*Description of the task*: Print all records exactly, pictures left out.
* * * * *
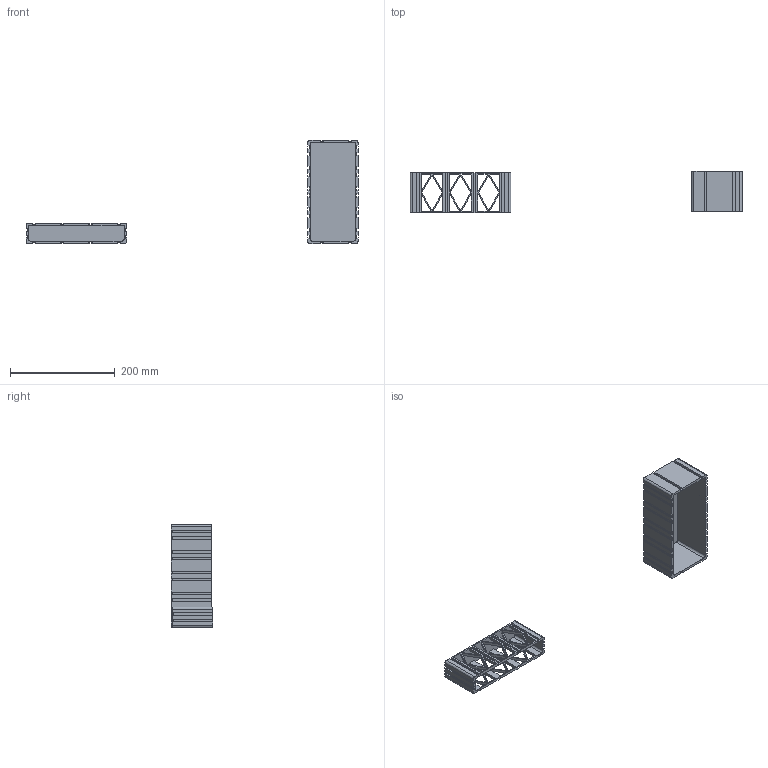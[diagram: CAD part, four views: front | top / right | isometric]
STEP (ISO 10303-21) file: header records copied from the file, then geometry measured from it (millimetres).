
FILE_DESCRIPTION(/* description */ ('STEP AP242','CAx-IF Rec.Pracs.---Representation and Presentation of Product Manufacturing Information (PMI)---4.0---2014-10-13','CAx-IF Rec.Pracs.---3D Tessellated Geometry---0.4---2014-09-14','2;1'),/* implementation_level */ '2;1');
FILE_NAME(/* name */ '645645bca5ed027e9a81c9c6',/* time_stamp */ '2023-05-06T12:19:09Z',/* author */ (''),/* organization */ (''),/* preprocessor_version */ 'ST-DEVELOPER v19.4',/* originating_system */ ' ',/* authorisation */ ' ');
FILE_SCHEMA (('AP242_MANAGED_MODEL_BASED_3D_ENGINEERING_MIM_LF { 1 0 10303 442 1 1 4 }'));
Length unit declared in the file: metre
Products named in the file (2): blank; Vblank
Bounding box: 634.41 x 79 x 197.5 mm (x, y, z)
Volume: 311446 mm3; surface area: 210983.7 mm2
Topology: 2 solids, 2 shells, 262 faces, 804 edges, 536 vertices
Faces by surface type: plane 250, cylinder 12
Entity records: 8979 total; most frequent: ORIENTED_EDGE 1608, CARTESIAN_POINT 1604, DIRECTION 1356, EDGE_CURVE 804, LINE 780, VECTOR 780, VERTEX_POINT 536, EDGE_LOOP 312
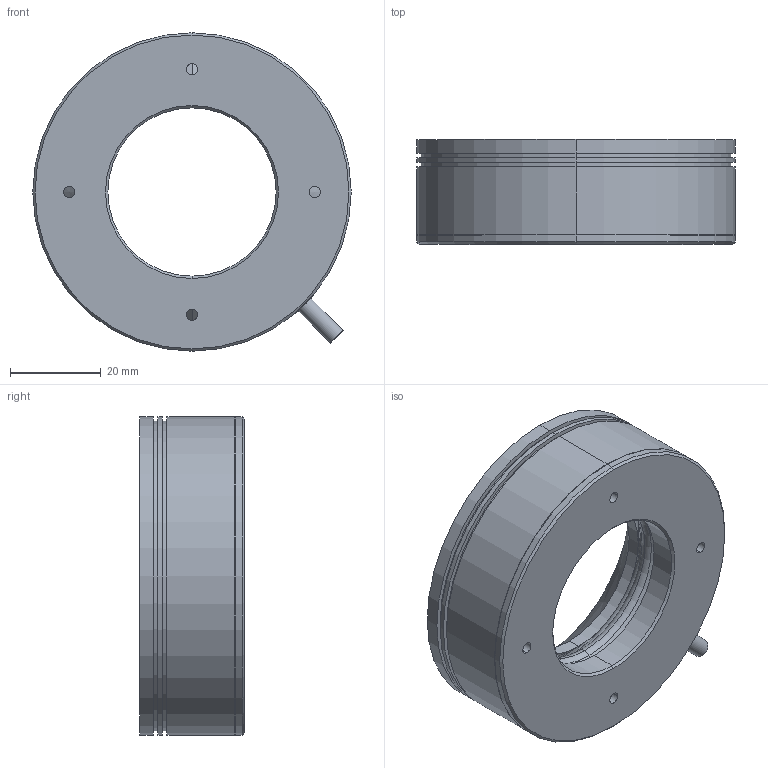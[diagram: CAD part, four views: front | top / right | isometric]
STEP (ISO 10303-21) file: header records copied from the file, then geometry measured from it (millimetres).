
FILE_DESCRIPTION (( 'STEP AP203' ), '1' );
FILE_NAME ('RI7045-W.STEP', '2021-10-08T07:13:36', ( 'Windows 蚚誧' ), ( 'Microsoft' ), 'SwSTEP 2.0', 'SolidWorks 2016', '' );
FILE_SCHEMA (( 'CONFIG_CONTROL_DESIGN' ));
Length unit declared in the file: millimetre
Products named in the file (1): RI7045-W
Bounding box: 70 x 23 x 70 mm (x, y, z)
Volume: 38783.4 mm3; surface area: 35009.8 mm2
Topology: 3 solids, 3 shells, 102 faces, 224 edges, 132 vertices
Faces by surface type: cone 36, cylinder 36, torus 16, plane 14
Entity records: 3051 total; most frequent: CARTESIAN_POINT 633, DIRECTION 550, ORIENTED_EDGE 448, AXIS2_PLACEMENT_3D 239, EDGE_CURVE 224, CIRCLE 136, VERTEX_POINT 132, EDGE_LOOP 120
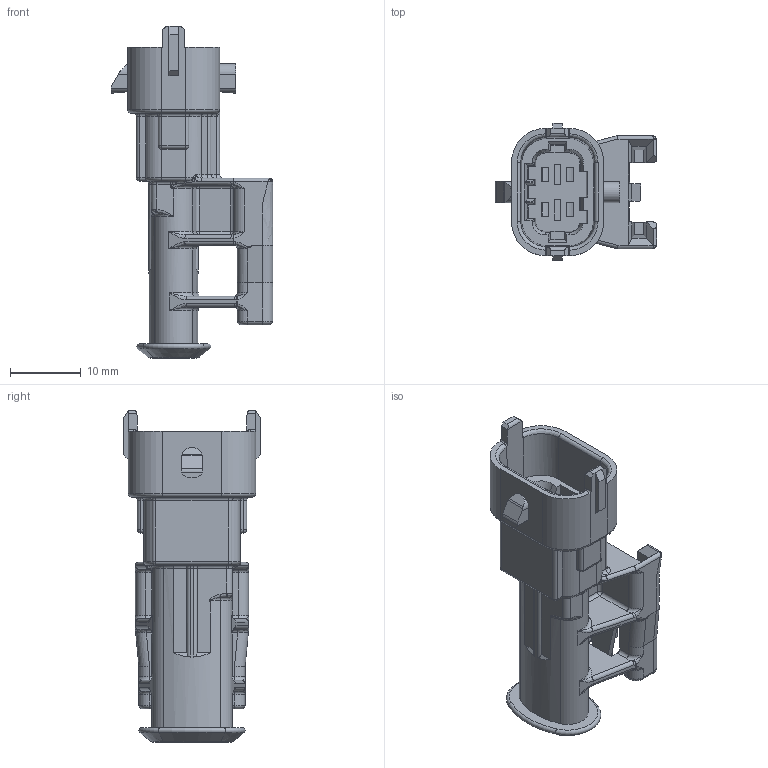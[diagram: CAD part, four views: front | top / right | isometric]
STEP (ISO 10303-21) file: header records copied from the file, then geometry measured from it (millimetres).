
FILE_DESCRIPTION(/* description */ (''),/* implementation_level */ '2;1');
FILE_NAME(/* name */ 'A928000046_00_001__altrep__A928000046_00_a_01_2PN.stp',/* time_stamp */ '2014-02-11T12:55:28+01:00',/* author */ (''),/* organization */ (''),/* preprocessor_version */ 'ST-DEVELOPER v11',/* originating_system */ 'SIEMENS PLM Software NX 7.5',/* authorisation */ '');
FILE_SCHEMA (('AUTOMOTIVE_DESIGN { 1 0 10303 214 1 1 1 1 }'));
Length unit declared in the file: millimetre
Products named in the file (1): A928000046_00_001
Bounding box: 22.8 x 19.4 x 46.9 mm (x, y, z)
Volume: 4178.6 mm3; surface area: 4886.3 mm2
Topology: 1 solids, 1 shells, 636 faces, 1597 edges, 927 vertices
Faces by surface type: plane 249, cylinder 189, torus 89, bspline 79, sphere 20, cone 10
Entity records: 20791 total; most frequent: CARTESIAN_POINT 6222, ORIENTED_EDGE 3106, DIRECTION 3008, EDGE_CURVE 1553, AXIS2_PLACEMENT_3D 1098, VERTEX_POINT 926, LINE 812, VECTOR 812
* * * * *
*Task response*:
[diagram: CAD part, four views: front | top / right | isometric]
STEP (ISO 10303-21) file: header records copied from the file, then geometry measured from it (millimetres).
FILE_DESCRIPTION(/* description */ ('STEP AP242','CAx-IF Rec.Pracs.---Representation and Presentation of Product Manufacturing Information (PMI)---4.0---2014-10-13','CAx-IF Rec.Pracs.---3D Tessellated Geometry---0.4---2014-09-14','2;1'),/* implementation_level */ '2;1');
FILE_NAME(/* name */ '645645bca5ed027e9a81c9c6',/* time_stamp */ '2023-05-06T12:19:09Z',/* author */ (''),/* organization */ (''),/* preprocessor_version */ 'ST-DEVELOPER v19.4',/* originating_system */ ' ',/* authorisation */ ' ');
FILE_SCHEMA (('AP242_MANAGED_MODEL_BASED_3D_ENGINEERING_MIM_LF { 1 0 10303 442 1 1 4 }'));
Length unit declared in the file: metre
Products named in the file (2): blank; Vblank
Bounding box: 634.41 x 79 x 197.5 mm (x, y, z)
Volume: 311446 mm3; surface area: 210983.7 mm2
Topology: 2 solids, 2 shells, 262 faces, 804 edges, 536 vertices
Faces by surface type: plane 250, cylinder 12
Entity records: 8979 total; most frequent: ORIENTED_EDGE 1608, CARTESIAN_POINT 1604, DIRECTION 1356, EDGE_CURVE 804, LINE 780, VECTOR 780, VERTEX_POINT 536, EDGE_LOOP 312
[diagram: CAD part, four views: front | top / right | isometric]
STEP (ISO 10303-21) file: header records copied from the file, then geometry measured from it (millimetres).
FILE_DESCRIPTION (( 'STEP AP203' ), '1' );
FILE_NAME ('RI7045-W.STEP', '2021-10-08T07:13:36', ( 'Windows 蚚誧' ), ( 'Microsoft' ), 'SwSTEP 2.0', 'SolidWorks 2016', '' );
FILE_SCHEMA (( 'CONFIG_CONTROL_DESIGN' ));
Length unit declared in the file: millimetre
Products named in the file (1): RI7045-W
Bounding box: 70 x 23 x 70 mm (x, y, z)
Volume: 38783.4 mm3; surface area: 35009.8 mm2
Topology: 3 solids, 3 shells, 102 faces, 224 edges, 132 vertices
Faces by surface type: cone 36, cylinder 36, torus 16, plane 14
Entity records: 3051 total; most frequent: CARTESIAN_POINT 633, DIRECTION 550, ORIENTED_EDGE 448, AXIS2_PLACEMENT_3D 239, EDGE_CURVE 224, CIRCLE 136, VERTEX_POINT 132, EDGE_LOOP 120
[diagram: CAD part, four views: front | top / right | isometric]
STEP (ISO 10303-21) file: header records copied from the file, then geometry measured from it (millimetres).
FILE_DESCRIPTION(/* description */ (''),/* implementation_level */ '2;1');
FILE_NAME(/* name */ 'A928000046_00_001__altrep__A928000046_00_a_01_2PN.stp',/* time_stamp */ '2014-02-11T12:55:28+01:00',/* author */ (''),/* organization */ (''),/* preprocessor_version */ 'ST-DEVELOPER v11',/* originating_system */ 'SIEMENS PLM Software NX 7.5',/* authorisation */ '');
FILE_SCHEMA (('AUTOMOTIVE_DESIGN { 1 0 10303 214 1 1 1 1 }'));
Length unit declared in the file: millimetre
Products named in the file (1): A928000046_00_001
Bounding box: 22.8 x 19.4 x 46.9 mm (x, y, z)
Volume: 4178.6 mm3; surface area: 4886.3 mm2
Topology: 1 solids, 1 shells, 636 faces, 1597 edges, 927 vertices
Faces by surface type: plane 249, cylinder 189, torus 89, bspline 79, sphere 20, cone 10
Entity records: 20791 total; most frequent: CARTESIAN_POINT 6222, ORIENTED_EDGE 3106, DIRECTION 3008, EDGE_CURVE 1553, AXIS2_PLACEMENT_3D 1098, VERTEX_POINT 926, LINE 812, VECTOR 812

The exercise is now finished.